§ Your instructions
Copy the opening lines of the listing exactly, through and including the line with "import ezdxf"; do not copy any pictures.

§ Material provided
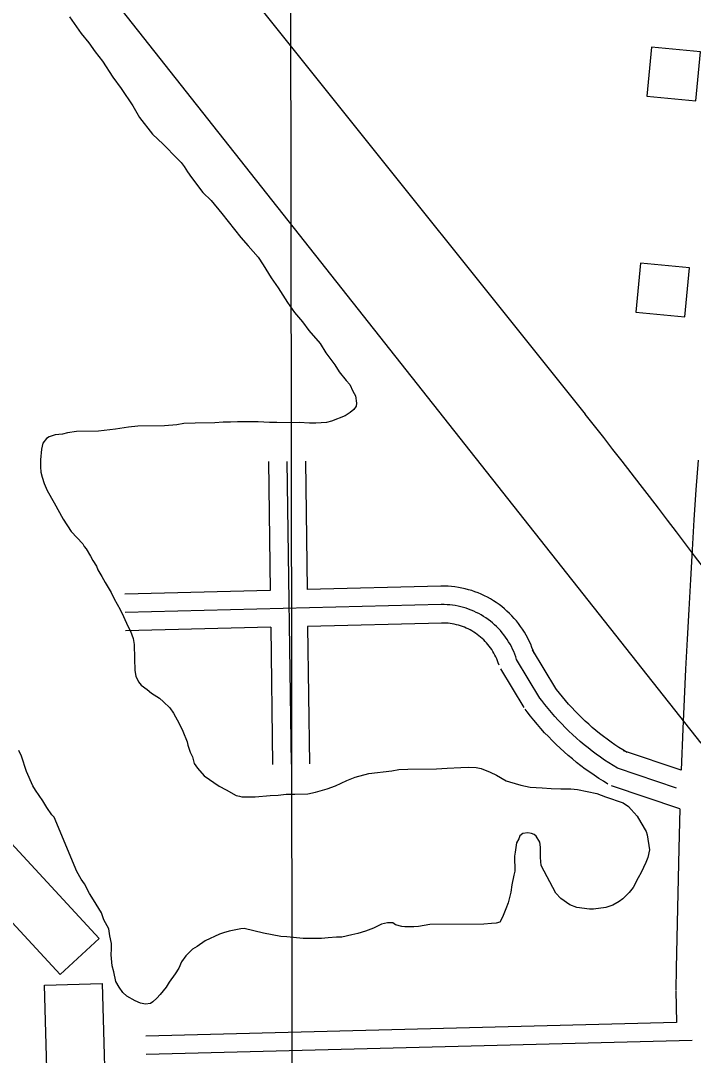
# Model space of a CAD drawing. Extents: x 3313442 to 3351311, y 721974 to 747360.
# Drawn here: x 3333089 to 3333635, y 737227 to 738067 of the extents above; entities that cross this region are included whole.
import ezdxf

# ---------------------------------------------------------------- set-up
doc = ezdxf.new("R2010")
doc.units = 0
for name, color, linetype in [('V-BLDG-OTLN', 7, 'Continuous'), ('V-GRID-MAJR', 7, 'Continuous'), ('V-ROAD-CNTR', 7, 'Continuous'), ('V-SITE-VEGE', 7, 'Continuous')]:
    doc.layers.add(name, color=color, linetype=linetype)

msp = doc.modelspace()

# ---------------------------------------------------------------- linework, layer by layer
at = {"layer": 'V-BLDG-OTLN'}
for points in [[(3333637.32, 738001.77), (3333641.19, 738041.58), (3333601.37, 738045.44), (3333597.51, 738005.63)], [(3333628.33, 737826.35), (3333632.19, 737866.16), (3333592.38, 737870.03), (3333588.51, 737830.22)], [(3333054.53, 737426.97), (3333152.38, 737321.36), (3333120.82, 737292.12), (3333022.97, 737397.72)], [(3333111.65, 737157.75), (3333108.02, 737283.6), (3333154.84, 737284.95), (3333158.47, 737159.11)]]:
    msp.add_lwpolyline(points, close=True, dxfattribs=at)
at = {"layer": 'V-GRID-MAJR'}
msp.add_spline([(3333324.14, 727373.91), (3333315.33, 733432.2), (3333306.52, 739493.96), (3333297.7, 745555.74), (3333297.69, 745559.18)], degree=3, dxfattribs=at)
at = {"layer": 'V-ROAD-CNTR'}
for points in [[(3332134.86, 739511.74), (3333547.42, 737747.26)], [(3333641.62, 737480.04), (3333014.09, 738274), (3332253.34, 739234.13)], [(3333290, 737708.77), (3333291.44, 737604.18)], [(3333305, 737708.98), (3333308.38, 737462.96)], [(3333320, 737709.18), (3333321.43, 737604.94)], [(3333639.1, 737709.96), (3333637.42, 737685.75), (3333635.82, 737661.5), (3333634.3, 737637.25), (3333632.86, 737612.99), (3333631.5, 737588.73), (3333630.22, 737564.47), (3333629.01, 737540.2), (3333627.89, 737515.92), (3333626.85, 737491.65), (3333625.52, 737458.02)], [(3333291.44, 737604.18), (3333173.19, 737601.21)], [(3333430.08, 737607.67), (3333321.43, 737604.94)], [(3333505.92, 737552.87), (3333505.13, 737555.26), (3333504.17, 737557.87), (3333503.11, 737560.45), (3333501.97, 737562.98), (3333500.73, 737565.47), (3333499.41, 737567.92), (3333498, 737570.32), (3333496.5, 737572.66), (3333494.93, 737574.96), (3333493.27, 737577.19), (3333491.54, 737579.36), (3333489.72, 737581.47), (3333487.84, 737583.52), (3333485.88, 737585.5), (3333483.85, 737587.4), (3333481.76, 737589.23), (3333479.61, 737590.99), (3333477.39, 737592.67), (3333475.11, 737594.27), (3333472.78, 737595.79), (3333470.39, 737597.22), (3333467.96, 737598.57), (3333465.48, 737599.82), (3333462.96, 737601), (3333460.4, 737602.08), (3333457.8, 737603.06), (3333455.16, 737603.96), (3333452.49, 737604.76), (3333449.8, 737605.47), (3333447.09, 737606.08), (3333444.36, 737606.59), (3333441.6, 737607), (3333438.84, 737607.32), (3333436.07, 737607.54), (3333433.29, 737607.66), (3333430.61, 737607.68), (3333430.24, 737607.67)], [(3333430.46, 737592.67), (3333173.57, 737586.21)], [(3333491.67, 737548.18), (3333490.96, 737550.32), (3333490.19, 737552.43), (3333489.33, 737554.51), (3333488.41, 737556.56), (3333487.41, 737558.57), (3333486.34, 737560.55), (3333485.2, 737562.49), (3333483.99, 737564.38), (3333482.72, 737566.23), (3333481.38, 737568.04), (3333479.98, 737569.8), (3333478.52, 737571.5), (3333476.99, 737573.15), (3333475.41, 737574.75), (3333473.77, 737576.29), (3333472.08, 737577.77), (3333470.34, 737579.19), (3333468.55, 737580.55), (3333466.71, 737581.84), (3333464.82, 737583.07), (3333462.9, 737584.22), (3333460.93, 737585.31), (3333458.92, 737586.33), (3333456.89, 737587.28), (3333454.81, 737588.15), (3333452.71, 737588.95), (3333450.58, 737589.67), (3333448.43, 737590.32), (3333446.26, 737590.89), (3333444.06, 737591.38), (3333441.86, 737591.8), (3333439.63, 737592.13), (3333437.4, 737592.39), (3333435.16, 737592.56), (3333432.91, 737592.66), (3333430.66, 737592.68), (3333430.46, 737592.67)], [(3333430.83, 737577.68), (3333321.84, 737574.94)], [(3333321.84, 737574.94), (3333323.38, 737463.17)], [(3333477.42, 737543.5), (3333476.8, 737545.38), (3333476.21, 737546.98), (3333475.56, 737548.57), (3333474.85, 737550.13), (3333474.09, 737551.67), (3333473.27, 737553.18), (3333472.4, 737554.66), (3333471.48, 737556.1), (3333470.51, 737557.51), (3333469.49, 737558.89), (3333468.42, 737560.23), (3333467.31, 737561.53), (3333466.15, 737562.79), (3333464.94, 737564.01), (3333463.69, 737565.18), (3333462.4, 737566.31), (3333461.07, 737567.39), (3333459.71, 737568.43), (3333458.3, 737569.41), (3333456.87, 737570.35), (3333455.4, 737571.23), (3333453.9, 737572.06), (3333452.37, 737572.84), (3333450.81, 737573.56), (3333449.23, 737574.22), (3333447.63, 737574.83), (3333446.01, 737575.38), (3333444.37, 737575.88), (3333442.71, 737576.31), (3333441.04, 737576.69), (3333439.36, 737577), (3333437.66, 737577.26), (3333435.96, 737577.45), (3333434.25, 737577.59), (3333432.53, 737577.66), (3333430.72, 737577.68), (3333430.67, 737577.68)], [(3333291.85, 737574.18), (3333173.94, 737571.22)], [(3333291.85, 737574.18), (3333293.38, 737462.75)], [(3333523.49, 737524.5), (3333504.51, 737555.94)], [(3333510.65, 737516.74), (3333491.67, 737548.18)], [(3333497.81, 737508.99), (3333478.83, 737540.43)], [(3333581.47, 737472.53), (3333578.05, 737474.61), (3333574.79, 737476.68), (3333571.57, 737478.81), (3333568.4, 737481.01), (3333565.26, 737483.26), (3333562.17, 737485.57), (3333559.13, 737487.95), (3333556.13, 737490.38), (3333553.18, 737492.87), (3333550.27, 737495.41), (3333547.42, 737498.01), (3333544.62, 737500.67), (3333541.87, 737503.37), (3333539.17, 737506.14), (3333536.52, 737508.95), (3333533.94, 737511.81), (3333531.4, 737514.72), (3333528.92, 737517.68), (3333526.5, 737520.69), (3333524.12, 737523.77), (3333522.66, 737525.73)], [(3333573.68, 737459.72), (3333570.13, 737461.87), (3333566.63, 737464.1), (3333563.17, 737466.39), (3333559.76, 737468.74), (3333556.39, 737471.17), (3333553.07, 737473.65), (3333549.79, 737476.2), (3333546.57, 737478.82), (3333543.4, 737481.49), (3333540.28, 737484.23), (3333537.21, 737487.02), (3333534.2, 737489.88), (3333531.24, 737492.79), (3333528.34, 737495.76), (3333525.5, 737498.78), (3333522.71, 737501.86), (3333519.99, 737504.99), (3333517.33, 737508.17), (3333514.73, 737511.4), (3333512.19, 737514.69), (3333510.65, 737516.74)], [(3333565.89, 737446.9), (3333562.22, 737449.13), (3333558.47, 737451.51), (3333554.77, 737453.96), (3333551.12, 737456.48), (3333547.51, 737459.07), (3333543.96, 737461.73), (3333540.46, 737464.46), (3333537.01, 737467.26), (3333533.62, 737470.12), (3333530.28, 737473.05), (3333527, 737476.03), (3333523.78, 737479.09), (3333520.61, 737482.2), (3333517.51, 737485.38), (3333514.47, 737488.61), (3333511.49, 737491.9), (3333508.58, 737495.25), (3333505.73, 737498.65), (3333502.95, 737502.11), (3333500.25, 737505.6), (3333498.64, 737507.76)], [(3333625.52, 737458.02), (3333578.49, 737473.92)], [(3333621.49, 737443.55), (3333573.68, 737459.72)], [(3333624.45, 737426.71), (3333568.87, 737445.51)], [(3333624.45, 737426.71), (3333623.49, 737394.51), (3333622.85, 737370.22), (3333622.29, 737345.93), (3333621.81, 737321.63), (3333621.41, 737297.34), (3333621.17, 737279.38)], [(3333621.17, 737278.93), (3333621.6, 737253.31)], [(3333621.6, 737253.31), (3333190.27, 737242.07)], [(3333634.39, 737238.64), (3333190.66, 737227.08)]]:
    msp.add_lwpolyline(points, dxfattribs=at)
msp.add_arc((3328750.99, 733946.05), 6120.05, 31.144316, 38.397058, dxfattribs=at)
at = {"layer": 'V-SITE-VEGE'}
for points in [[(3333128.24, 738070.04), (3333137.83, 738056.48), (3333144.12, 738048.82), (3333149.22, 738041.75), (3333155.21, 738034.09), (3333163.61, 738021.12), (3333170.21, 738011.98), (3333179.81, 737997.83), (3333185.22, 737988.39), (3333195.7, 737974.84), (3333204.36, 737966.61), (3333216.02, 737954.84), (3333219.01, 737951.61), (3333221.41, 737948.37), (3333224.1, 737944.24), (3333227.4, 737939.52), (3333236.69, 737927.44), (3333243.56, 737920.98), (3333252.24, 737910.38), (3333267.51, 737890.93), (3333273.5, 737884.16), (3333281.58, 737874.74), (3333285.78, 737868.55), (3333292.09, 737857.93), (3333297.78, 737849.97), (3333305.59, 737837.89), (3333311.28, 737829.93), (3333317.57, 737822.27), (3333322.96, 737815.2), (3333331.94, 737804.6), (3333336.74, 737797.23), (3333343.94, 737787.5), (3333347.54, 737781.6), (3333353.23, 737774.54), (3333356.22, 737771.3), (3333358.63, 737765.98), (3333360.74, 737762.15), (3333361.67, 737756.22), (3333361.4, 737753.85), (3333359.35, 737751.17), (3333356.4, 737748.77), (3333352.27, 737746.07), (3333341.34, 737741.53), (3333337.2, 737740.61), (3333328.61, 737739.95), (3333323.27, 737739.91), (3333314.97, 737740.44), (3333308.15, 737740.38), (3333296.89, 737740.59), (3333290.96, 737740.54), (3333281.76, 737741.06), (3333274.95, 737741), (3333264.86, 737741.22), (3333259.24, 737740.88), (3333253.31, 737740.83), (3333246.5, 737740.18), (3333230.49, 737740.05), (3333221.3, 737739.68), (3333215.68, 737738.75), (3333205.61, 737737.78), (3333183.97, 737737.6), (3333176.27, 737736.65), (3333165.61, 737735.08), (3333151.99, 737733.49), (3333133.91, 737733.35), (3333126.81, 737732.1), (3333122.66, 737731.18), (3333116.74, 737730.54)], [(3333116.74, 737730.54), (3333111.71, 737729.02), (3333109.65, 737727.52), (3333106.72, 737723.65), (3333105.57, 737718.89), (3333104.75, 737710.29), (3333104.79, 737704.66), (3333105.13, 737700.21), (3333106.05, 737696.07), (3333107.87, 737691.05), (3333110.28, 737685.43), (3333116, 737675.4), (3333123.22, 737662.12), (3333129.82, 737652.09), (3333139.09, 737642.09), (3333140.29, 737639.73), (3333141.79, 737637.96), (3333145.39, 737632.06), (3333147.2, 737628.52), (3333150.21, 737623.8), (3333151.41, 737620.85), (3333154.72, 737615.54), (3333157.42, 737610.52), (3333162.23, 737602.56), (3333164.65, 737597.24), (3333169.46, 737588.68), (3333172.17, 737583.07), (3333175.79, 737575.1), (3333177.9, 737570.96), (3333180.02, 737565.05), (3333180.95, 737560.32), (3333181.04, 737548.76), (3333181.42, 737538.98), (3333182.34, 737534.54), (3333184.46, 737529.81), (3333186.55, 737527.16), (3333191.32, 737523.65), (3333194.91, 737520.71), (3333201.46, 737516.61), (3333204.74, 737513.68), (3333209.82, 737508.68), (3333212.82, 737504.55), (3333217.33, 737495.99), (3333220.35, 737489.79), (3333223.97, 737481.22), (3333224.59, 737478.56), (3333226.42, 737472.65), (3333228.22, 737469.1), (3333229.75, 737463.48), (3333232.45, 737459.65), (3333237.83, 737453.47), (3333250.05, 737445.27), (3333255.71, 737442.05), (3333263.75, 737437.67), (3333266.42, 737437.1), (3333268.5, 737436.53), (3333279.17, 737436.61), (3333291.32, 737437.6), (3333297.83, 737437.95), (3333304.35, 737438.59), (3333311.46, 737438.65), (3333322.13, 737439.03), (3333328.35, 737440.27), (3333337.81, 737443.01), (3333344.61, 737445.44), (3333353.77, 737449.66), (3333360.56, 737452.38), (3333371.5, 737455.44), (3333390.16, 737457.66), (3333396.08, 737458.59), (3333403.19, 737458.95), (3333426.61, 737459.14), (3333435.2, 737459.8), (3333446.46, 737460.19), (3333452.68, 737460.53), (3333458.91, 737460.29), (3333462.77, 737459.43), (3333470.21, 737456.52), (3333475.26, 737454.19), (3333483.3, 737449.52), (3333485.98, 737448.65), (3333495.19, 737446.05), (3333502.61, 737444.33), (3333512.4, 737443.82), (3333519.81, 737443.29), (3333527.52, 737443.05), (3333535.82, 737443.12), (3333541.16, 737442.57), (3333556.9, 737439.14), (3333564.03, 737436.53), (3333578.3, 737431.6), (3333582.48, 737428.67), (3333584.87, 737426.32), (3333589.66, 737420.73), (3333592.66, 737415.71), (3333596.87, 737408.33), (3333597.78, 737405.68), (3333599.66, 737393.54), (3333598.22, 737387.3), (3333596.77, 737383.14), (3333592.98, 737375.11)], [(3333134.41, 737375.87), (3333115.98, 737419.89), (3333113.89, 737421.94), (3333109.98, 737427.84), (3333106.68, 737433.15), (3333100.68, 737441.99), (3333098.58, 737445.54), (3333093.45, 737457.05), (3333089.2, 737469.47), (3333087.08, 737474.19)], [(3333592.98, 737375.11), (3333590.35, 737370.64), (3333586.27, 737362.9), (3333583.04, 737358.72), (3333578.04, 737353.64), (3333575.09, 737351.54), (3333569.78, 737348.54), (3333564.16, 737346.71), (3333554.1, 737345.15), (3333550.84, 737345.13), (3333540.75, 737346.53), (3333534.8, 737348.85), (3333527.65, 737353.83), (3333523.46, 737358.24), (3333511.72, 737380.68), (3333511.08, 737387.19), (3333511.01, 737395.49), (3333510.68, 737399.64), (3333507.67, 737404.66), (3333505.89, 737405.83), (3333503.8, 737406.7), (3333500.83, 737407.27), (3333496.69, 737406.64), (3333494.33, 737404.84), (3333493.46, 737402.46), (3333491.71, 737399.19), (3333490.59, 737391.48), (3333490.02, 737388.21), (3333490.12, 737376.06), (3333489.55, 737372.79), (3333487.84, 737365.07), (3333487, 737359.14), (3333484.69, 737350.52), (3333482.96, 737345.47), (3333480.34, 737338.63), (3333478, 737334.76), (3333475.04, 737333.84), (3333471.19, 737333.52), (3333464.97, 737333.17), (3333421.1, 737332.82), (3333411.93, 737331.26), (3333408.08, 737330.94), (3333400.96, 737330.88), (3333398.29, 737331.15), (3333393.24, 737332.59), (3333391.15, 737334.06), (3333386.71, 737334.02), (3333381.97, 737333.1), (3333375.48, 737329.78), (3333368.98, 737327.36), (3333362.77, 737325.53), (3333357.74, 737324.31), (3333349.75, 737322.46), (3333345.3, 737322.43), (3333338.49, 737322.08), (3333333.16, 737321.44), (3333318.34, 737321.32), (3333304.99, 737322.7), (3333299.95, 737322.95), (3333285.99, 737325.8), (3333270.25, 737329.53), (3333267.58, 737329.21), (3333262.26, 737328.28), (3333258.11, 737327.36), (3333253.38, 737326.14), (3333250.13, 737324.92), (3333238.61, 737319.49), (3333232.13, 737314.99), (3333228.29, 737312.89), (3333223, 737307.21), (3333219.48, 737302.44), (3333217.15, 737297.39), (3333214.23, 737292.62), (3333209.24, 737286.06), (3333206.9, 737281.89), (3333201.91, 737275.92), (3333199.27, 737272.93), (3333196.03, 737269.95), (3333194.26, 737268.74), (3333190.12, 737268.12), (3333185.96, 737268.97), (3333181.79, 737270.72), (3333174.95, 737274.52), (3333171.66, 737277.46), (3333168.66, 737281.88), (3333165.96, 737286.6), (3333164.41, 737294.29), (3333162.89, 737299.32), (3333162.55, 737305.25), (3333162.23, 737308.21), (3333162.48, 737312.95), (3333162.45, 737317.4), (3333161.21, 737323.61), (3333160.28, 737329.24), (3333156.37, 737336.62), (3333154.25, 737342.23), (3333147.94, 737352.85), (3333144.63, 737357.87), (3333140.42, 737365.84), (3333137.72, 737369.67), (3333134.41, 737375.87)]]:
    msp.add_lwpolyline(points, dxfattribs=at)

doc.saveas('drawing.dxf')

§ Response box
# Model space of a CAD drawing. Extents: x 3313442 to 3351311, y 721974 to 747360.
# Drawn here: x 3333089 to 3333635, y 737227 to 738067 of the extents above; entities that cross this region are included whole.
import ezdxf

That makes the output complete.